Make a verbatim copy of the entries below; pictures stay out.

──────── Source material

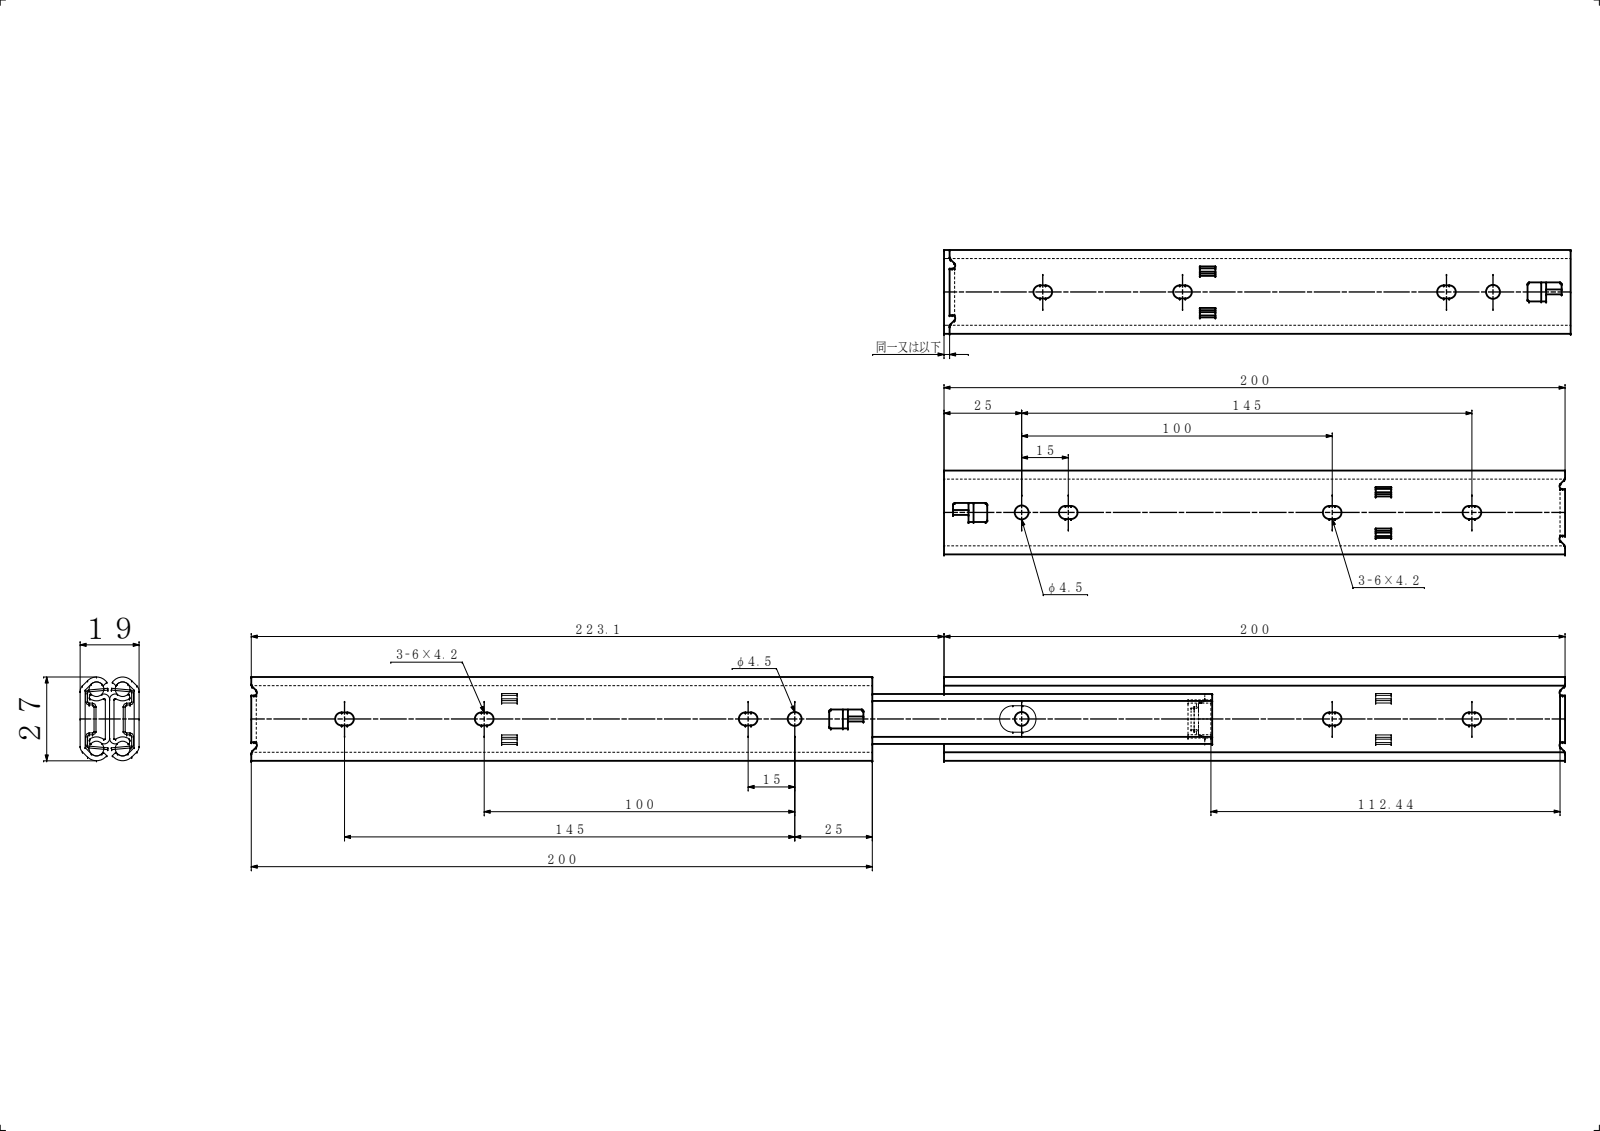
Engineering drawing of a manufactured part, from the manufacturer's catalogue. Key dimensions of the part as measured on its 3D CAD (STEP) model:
Part name (STEP PRODUCT): 2731MC-200 AS; OM-2731MC-200; IM-2731MC-200; SBP1015 (+1 more)
STEP written by: SolidWorks 2019 (CONFIG_CONTROL_DESIGN)
Units: millimetres
Bodies: 8 solids, 398 faces (200 planar, 178 cylindrical, 20 other)
Overall size (bounding box): 423.08 × 27 × 19.1
Volume: 38 400 mm³ · Surface area: 54 109 mm²
Round holes (diameter × count): ⌀4.5 ×2
Partial cylindrical surfaces — rounded edges, fillets, slot ends (radius × count): R1 ×38, R2 ×22, R0.1 ×16, R2.1 ×12, R0.3 ×8, R0.5 ×8, R2.38 ×8, R0.28 ×4
Main face-to-face distances: 1.6, 7.95, 9.55, 17.5, 1.4, 8.15, 10.95, 6.55, 9.35, 15.9
Hole centre spacings: 73.08

────────────────

:: Written response ::
Engineering drawing of a manufactured part, from the manufacturer's catalogue. Key dimensions of the part as measured on its 3D CAD (STEP) model:
Part name (STEP PRODUCT): 2731MC-200 AS; OM-2731MC-200; IM-2731MC-200; SBP1015 (+1 more)
STEP written by: SolidWorks 2019 (CONFIG_CONTROL_DESIGN)
Units: millimetres
Bodies: 8 solids, 398 faces (200 planar, 178 cylindrical, 20 other)
Overall size (bounding box): 423.08 × 27 × 19.1
Volume: 38 400 mm³ · Surface area: 54 109 mm²
Round holes (diameter × count): ⌀4.5 ×2
Partial cylindrical surfaces — rounded edges, fillets, slot ends (radius × count): R1 ×38, R2 ×22, R0.1 ×16, R2.1 ×12, R0.3 ×8, R0.5 ×8, R2.38 ×8, R0.28 ×4
Main face-to-face distances: 1.6, 7.95, 9.55, 17.5, 1.4, 8.15, 10.95, 6.55, 9.35, 15.9
Hole centre spacings: 73.08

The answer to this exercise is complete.